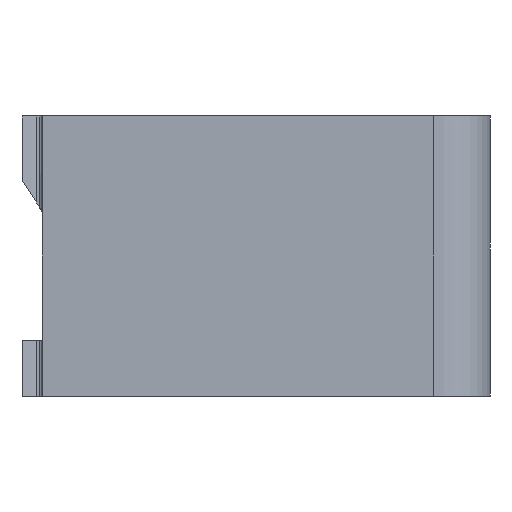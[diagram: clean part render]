
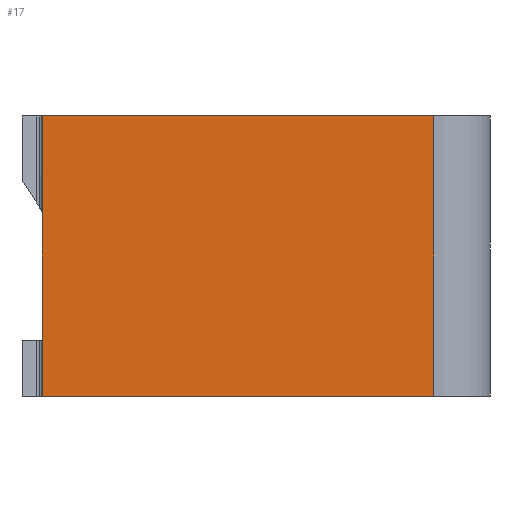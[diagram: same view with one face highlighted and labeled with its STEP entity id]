
A CAD part, left-side view. The second image highlights one B-rep face of the part: STEP entity #17.
In plain terms, the highlighted planar face has unit normal (-1, 0, 0).
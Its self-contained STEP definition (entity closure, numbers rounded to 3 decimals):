
#17 = ADVANCED_FACE('',(#18),#32,.F.);
#18 = FACE_BOUND('',#19,.F.);
#19 = EDGE_LOOP('',(#20,#55,#83,#111));
#20 = ORIENTED_EDGE('',*,*,#21,.F.);
#21 = EDGE_CURVE('',#22,#24,#26,.T.);
#22 = VERTEX_POINT('',#23);
#23 = CARTESIAN_POINT('',(-226.013,-140.131,100.));
#24 = VERTEX_POINT('',#25);
#25 = CARTESIAN_POINT('',(-226.013,-0.15,100.));
#26 = SURFACE_CURVE('',#27,(#31,#43),.PCURVE_S1.);
#27 = LINE('',#28,#29);
#28 = CARTESIAN_POINT('',(-226.013,-160.131,100.));
#29 = VECTOR('',#30,1.);
#30 = DIRECTION('',(0.,1.,0.));
#31 = PCURVE('',#32,#37);
#32 = PLANE('',#33);
#33 = AXIS2_PLACEMENT_3D('',#34,#35,#36);
#34 = CARTESIAN_POINT('',(-226.013,-160.131,0.));
#35 = DIRECTION('',(1.,0.,0.));
#36 = DIRECTION('',(0.,0.,1.));
#37 = DEFINITIONAL_REPRESENTATION('',(#38),#42);
#38 = LINE('',#39,#40);
#39 = CARTESIAN_POINT('',(100.,0.));
#40 = VECTOR('',#41,1.);
#41 = DIRECTION('',(0.,-1.));
#42 = ( GEOMETRIC_REPRESENTATION_CONTEXT(2) 
PARAMETRIC_REPRESENTATION_CONTEXT() REPRESENTATION_CONTEXT('2D SPACE',''
  ) );
#43 = PCURVE('',#44,#49);
#44 = PLANE('',#45);
#45 = AXIS2_PLACEMENT_3D('',#46,#47,#48);
#46 = CARTESIAN_POINT('',(-226.013,-160.131,100.));
#47 = DIRECTION('',(0.,0.,1.));
#48 = DIRECTION('',(1.,0.,-0.));
#49 = DEFINITIONAL_REPRESENTATION('',(#50),#54);
#50 = LINE('',#51,#52);
#51 = CARTESIAN_POINT('',(0.,0.));
#52 = VECTOR('',#53,1.);
#53 = DIRECTION('',(0.,1.));
#54 = ( GEOMETRIC_REPRESENTATION_CONTEXT(2) 
PARAMETRIC_REPRESENTATION_CONTEXT() REPRESENTATION_CONTEXT('2D SPACE',''
  ) );
#55 = ORIENTED_EDGE('',*,*,#56,.F.);
#56 = EDGE_CURVE('',#57,#22,#59,.T.);
#57 = VERTEX_POINT('',#58);
#58 = CARTESIAN_POINT('',(-226.013,-140.131,0.));
#59 = SURFACE_CURVE('',#60,(#64,#71),.PCURVE_S1.);
#60 = LINE('',#61,#62);
#61 = CARTESIAN_POINT('',(-226.013,-140.131,0.));
#62 = VECTOR('',#63,1.);
#63 = DIRECTION('',(0.,0.,1.));
#64 = PCURVE('',#32,#65);
#65 = DEFINITIONAL_REPRESENTATION('',(#66),#70);
#66 = LINE('',#67,#68);
#67 = CARTESIAN_POINT('',(0.,-20.));
#68 = VECTOR('',#69,1.);
#69 = DIRECTION('',(1.,0.));
#70 = ( GEOMETRIC_REPRESENTATION_CONTEXT(2) 
PARAMETRIC_REPRESENTATION_CONTEXT() REPRESENTATION_CONTEXT('2D SPACE',''
  ) );
#71 = PCURVE('',#72,#77);
#72 = CYLINDRICAL_SURFACE('',#73,20.);
#73 = AXIS2_PLACEMENT_3D('',#74,#75,#76);
#74 = CARTESIAN_POINT('',(-206.013,-140.131,0.));
#75 = DIRECTION('',(0.,0.,1.));
#76 = DIRECTION('',(-1.,-0.,0.));
#77 = DEFINITIONAL_REPRESENTATION('',(#78),#82);
#78 = LINE('',#79,#80);
#79 = CARTESIAN_POINT('',(0.,0.));
#80 = VECTOR('',#81,1.);
#81 = DIRECTION('',(0.,1.));
#82 = ( GEOMETRIC_REPRESENTATION_CONTEXT(2) 
PARAMETRIC_REPRESENTATION_CONTEXT() REPRESENTATION_CONTEXT('2D SPACE',''
  ) );
#83 = ORIENTED_EDGE('',*,*,#84,.T.);
#84 = EDGE_CURVE('',#57,#85,#87,.T.);
#85 = VERTEX_POINT('',#86);
#86 = CARTESIAN_POINT('',(-226.013,-0.15,0.));
#87 = SURFACE_CURVE('',#88,(#92,#99),.PCURVE_S1.);
#88 = LINE('',#89,#90);
#89 = CARTESIAN_POINT('',(-226.013,-160.131,0.));
#90 = VECTOR('',#91,1.);
#91 = DIRECTION('',(0.,1.,0.));
#92 = PCURVE('',#32,#93);
#93 = DEFINITIONAL_REPRESENTATION('',(#94),#98);
#94 = LINE('',#95,#96);
#95 = CARTESIAN_POINT('',(0.,0.));
#96 = VECTOR('',#97,1.);
#97 = DIRECTION('',(0.,-1.));
#98 = ( GEOMETRIC_REPRESENTATION_CONTEXT(2) 
PARAMETRIC_REPRESENTATION_CONTEXT() REPRESENTATION_CONTEXT('2D SPACE',''
  ) );
#99 = PCURVE('',#100,#105);
#100 = PLANE('',#101);
#101 = AXIS2_PLACEMENT_3D('',#102,#103,#104);
#102 = CARTESIAN_POINT('',(-226.013,-160.131,0.));
#103 = DIRECTION('',(0.,0.,1.));
#104 = DIRECTION('',(1.,0.,-0.));
#105 = DEFINITIONAL_REPRESENTATION('',(#106),#110);
#106 = LINE('',#107,#108);
#107 = CARTESIAN_POINT('',(0.,0.));
#108 = VECTOR('',#109,1.);
#109 = DIRECTION('',(0.,1.));
#110 = ( GEOMETRIC_REPRESENTATION_CONTEXT(2) 
PARAMETRIC_REPRESENTATION_CONTEXT() REPRESENTATION_CONTEXT('2D SPACE',''
  ) );
#111 = ORIENTED_EDGE('',*,*,#112,.T.);
#112 = EDGE_CURVE('',#85,#24,#113,.T.);
#113 = SURFACE_CURVE('',#114,(#118,#125),.PCURVE_S1.);
#114 = LINE('',#115,#116);
#115 = CARTESIAN_POINT('',(-226.013,-0.15,0.));
#116 = VECTOR('',#117,1.);
#117 = DIRECTION('',(0.,0.,1.));
#118 = PCURVE('',#32,#119);
#119 = DEFINITIONAL_REPRESENTATION('',(#120),#124);
#120 = LINE('',#121,#122);
#121 = CARTESIAN_POINT('',(0.,-159.981));
#122 = VECTOR('',#123,1.);
#123 = DIRECTION('',(1.,0.));
#124 = ( GEOMETRIC_REPRESENTATION_CONTEXT(2) 
PARAMETRIC_REPRESENTATION_CONTEXT() REPRESENTATION_CONTEXT('2D SPACE',''
  ) );
#125 = PCURVE('',#126,#131);
#126 = PLANE('',#127);
#127 = AXIS2_PLACEMENT_3D('',#128,#129,#130);
#128 = CARTESIAN_POINT('',(-226.013,-0.15,0.));
#129 = DIRECTION('',(-0.,1.,0.));
#130 = DIRECTION('',(0.,0.,1.));
#131 = DEFINITIONAL_REPRESENTATION('',(#132),#136);
#132 = LINE('',#133,#134);
#133 = CARTESIAN_POINT('',(0.,0.));
#134 = VECTOR('',#135,1.);
#135 = DIRECTION('',(1.,0.));
#136 = ( GEOMETRIC_REPRESENTATION_CONTEXT(2) 
PARAMETRIC_REPRESENTATION_CONTEXT() REPRESENTATION_CONTEXT('2D SPACE',''
  ) );
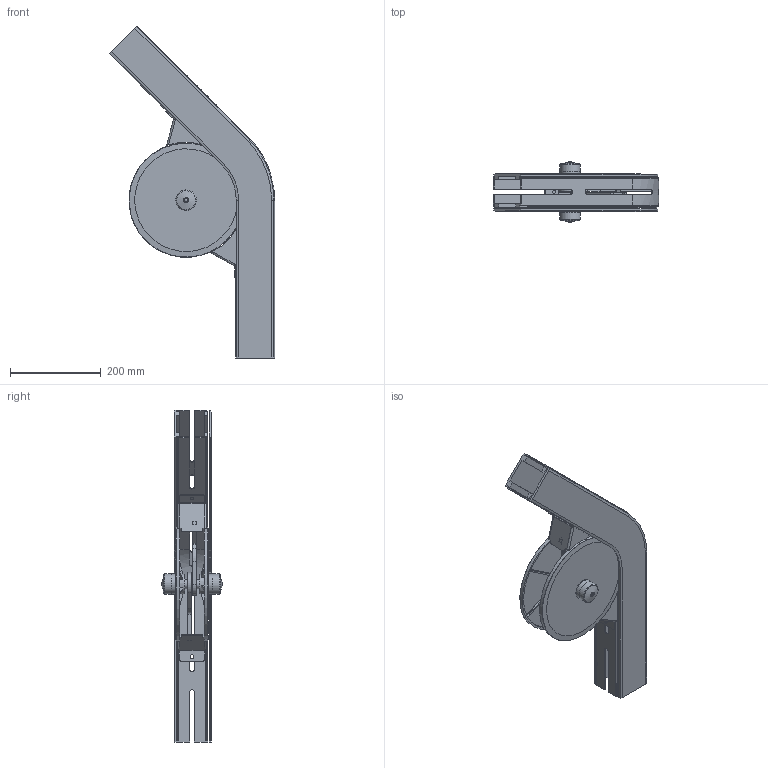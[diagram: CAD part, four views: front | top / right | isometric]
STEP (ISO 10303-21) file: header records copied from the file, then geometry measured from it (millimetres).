
FILE_DESCRIPTION(/* description */ ('WHEELCURVE 45° SERIE 530'),/* implementation_level */ '2;1');
FILE_NAME(/* name */ '530-5025-45.stp',/* time_stamp */ '2022-09-21T15:19:20+02:00',/* author */ ('ML'),/* organization */ ('CARRYLINE'),/* preprocessor_version */ 'ST-DEVELOPER v19.2',/* originating_system */ 'Autodesk Inventor 2023',/* authorisation */ '');
FILE_SCHEMA (('AUTOMOTIVE_DESIGN { 1 0 10303 214 3 1 1 }'));
Length unit declared in the file: millimetre
Products named in the file (8): 530-5025-45; 530-5375+830-2000-01; 14261_3; 14261_29; 14261_30; 14261_31; 830-5027_1; 830-5031
Assembly tree (10 placements, depth 2):
  530-5025-45
    530-5375+830-2000-01
    14261_3
    14261_29
    14261_30
    14261_31  x2
    830-5027_1  x2
    830-5031  x2
Bounding box: 364 x 135.92 x 731.96 mm (x, y, z)
Volume: 1912658.7 mm3; surface area: 938707.2 mm2
Topology: 11 solids, 11 shells, 586 faces, 1545 edges, 996 vertices
Faces by surface type: plane 297, cylinder 161, bspline 56, torus 38, cone 30, sphere 4
Full cylindrical faces by diameter (mm): 4.917 x8, 6.2 x8, 8.5 x2, 16.2 x2, 17 x4, 20 x4, 30 x3, 34.8 x4, 41.3 x2, 45 x2, 252 x2
Entity records: 15508 total; most frequent: CARTESIAN_POINT 4506, ORIENTED_EDGE 2280, DIRECTION 2118, EDGE_CURVE 1140, VERTEX_POINT 740, AXIS2_PLACEMENT_3D 723, LINE 672, VECTOR 672
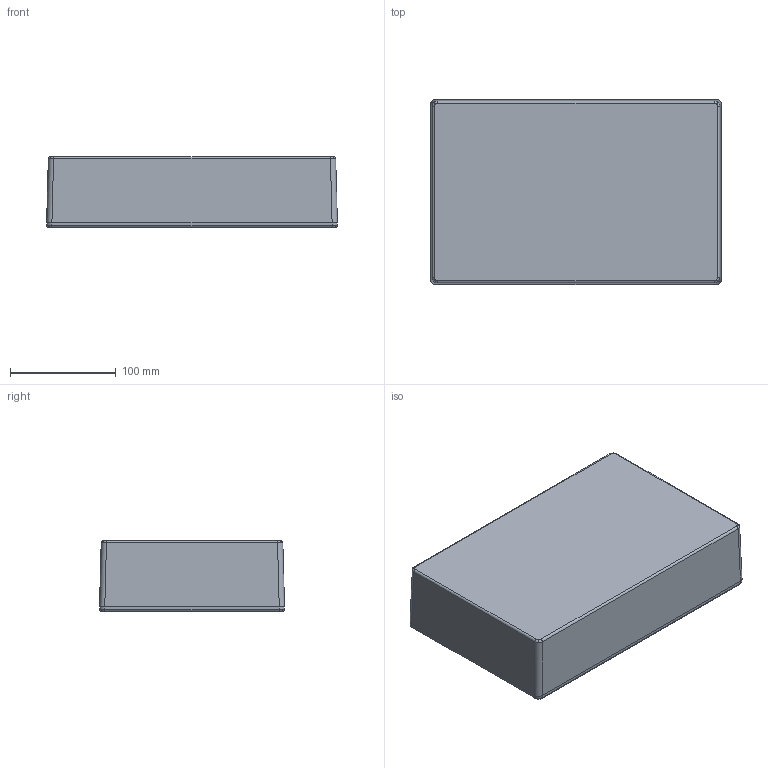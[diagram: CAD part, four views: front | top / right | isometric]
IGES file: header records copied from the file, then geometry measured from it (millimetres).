
Global section: file name: 1550J.iam; native system: Autodesk Inventor 2014; preprocessor: unknown; author: fwarzocha; date: 20141029.101342; units: millimetre
Bounding box: 275 x 175 x 66.6 mm (x, y, z)
Volume: 393469.1 mm3; surface area: 305212 mm2
Topology: 8 solids, 8 shells, 1019 faces, 2750 edges, 1790 vertices
Faces by surface type: plane 391, bspline 356, revolution 184, cylinder 46, cone 42
Full cylindrical faces by diameter (mm): 3.43 x6

--------------------------------

## [EXERCISE]
Tally up the lines in the preceding listing that contain the string "header". Respond with the number and nothing else.

## [YOUR SOLUTION]
2